Data supplied:
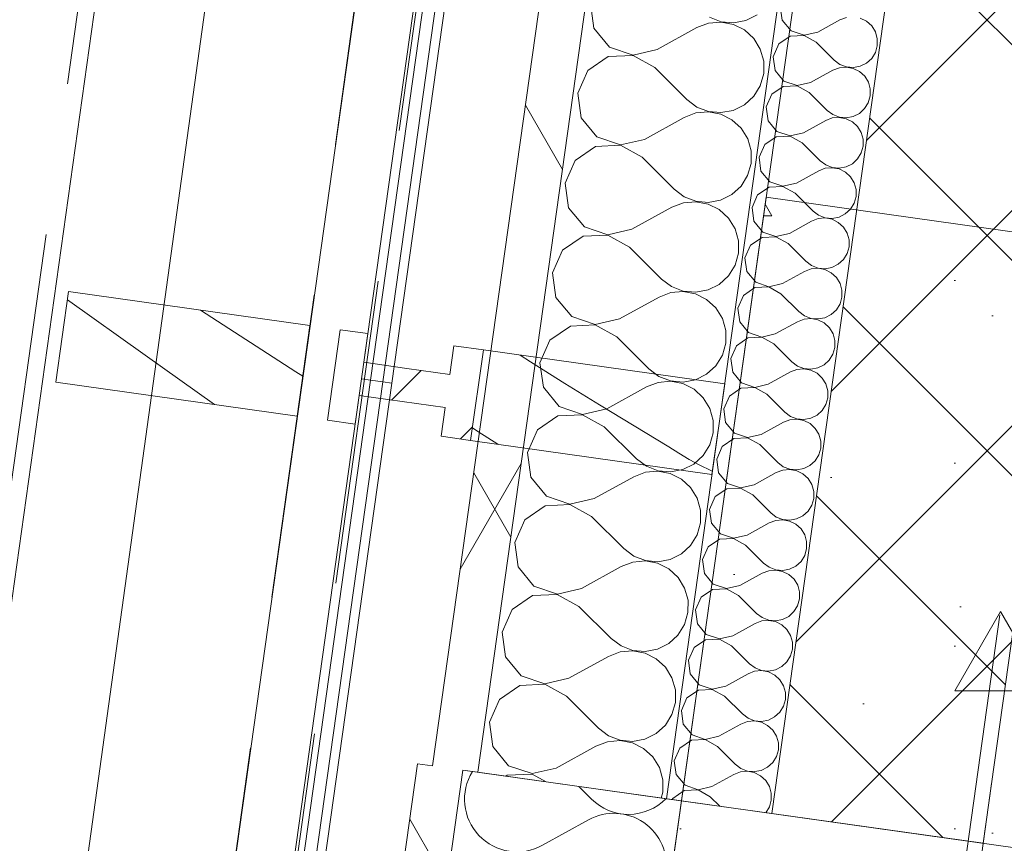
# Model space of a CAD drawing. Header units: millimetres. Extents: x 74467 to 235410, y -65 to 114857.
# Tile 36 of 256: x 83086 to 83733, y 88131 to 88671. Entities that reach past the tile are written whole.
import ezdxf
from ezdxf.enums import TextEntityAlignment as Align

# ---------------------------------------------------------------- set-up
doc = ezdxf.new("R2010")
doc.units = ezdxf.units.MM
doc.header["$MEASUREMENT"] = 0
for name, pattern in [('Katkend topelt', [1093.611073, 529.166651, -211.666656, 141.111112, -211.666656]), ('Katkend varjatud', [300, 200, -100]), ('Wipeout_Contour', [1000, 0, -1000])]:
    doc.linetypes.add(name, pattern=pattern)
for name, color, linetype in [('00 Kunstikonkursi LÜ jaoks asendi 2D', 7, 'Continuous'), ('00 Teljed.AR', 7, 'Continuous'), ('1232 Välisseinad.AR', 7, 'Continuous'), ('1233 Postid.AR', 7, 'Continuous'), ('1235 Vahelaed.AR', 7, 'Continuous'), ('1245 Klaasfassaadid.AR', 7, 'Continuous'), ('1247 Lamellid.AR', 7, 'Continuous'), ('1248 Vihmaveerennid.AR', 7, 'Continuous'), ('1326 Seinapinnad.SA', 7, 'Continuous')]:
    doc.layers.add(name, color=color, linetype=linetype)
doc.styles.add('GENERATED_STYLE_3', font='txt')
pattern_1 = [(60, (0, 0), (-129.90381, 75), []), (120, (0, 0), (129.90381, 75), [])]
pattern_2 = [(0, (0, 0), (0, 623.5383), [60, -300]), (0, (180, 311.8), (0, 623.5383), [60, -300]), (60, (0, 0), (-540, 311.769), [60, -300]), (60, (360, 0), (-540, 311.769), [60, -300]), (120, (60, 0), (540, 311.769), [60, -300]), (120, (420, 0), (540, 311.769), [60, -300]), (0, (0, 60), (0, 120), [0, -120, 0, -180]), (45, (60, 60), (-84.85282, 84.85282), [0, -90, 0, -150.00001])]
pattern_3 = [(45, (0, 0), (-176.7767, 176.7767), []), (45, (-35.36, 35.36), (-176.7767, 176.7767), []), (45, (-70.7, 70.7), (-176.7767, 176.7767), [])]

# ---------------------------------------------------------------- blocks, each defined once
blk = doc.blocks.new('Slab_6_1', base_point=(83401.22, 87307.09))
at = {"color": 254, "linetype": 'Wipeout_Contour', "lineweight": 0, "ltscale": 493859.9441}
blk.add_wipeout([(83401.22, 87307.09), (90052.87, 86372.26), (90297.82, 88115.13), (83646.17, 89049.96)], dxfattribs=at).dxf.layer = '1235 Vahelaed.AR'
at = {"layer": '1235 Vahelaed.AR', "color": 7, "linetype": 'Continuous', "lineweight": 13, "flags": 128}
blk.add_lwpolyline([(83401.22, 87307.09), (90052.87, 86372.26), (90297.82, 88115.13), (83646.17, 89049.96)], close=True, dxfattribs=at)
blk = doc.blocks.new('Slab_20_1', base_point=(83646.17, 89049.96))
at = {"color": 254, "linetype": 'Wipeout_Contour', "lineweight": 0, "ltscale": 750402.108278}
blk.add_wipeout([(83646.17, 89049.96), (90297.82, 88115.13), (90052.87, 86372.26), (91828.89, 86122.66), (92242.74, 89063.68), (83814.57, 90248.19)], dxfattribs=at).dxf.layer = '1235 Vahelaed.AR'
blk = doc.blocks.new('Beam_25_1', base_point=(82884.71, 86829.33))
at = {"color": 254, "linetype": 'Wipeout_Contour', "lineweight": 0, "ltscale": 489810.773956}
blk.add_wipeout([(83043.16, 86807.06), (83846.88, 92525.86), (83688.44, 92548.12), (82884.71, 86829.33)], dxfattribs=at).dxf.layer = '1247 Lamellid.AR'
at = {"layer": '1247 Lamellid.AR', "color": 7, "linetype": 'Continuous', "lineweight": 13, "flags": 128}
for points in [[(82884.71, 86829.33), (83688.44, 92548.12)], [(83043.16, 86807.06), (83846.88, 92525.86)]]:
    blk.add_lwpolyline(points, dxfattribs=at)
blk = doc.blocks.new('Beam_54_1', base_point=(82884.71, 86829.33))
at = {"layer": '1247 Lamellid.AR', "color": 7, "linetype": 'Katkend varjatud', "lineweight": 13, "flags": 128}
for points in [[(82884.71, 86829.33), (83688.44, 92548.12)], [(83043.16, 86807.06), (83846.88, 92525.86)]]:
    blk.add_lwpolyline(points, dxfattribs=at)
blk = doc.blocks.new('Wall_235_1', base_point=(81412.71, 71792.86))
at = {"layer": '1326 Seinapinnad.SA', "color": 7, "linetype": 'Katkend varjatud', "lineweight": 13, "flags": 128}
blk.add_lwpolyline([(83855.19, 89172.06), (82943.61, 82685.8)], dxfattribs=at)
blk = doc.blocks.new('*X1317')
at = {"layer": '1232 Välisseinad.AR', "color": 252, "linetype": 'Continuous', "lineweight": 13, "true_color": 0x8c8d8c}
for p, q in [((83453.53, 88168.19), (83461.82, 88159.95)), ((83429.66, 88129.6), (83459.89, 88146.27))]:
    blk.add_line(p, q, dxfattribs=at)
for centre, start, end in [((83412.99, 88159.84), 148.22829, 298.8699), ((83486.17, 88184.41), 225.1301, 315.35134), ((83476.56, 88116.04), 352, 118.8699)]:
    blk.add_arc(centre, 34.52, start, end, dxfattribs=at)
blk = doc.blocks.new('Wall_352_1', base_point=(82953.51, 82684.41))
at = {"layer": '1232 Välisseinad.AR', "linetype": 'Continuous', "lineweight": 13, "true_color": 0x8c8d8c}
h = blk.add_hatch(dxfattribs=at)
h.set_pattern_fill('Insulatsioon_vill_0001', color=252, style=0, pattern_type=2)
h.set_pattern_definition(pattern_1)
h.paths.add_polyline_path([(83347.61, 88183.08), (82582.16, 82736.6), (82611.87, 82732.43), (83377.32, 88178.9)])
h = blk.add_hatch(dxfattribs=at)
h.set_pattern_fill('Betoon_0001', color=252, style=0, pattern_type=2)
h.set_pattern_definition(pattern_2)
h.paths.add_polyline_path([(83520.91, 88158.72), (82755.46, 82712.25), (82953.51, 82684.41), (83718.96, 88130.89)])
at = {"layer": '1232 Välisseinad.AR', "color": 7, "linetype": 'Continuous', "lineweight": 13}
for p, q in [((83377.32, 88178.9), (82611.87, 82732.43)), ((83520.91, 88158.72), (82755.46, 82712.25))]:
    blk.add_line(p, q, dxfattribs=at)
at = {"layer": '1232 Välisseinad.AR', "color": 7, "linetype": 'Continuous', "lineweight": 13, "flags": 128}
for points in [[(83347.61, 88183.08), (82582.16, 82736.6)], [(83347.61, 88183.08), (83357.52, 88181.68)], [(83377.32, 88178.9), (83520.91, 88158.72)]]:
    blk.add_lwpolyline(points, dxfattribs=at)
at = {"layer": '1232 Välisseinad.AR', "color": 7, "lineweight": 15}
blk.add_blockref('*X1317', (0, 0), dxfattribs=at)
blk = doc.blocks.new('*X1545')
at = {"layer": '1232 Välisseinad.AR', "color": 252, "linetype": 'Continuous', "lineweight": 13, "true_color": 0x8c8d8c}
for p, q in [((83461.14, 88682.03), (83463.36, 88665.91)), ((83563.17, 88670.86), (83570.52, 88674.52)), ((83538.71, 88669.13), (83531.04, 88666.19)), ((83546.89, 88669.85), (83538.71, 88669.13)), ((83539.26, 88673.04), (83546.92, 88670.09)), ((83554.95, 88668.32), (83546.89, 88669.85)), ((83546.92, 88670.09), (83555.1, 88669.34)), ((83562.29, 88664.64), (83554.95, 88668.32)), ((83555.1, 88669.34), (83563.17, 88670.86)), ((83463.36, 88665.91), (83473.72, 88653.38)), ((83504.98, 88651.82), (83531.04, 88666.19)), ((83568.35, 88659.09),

Problem to work on: Please return every line in the data that includes the string "centre".

Response:
for centre, start, end in [((83412.99, 88159.84), 148.22829, 298.8699), ((83486.17, 88184.41), 225.1301, 315.35134), ((83476.56, 88116.04), 352, 118.8699)]:
    blk.add_arc(centre, 34.52, start, end, dxfattribs=at)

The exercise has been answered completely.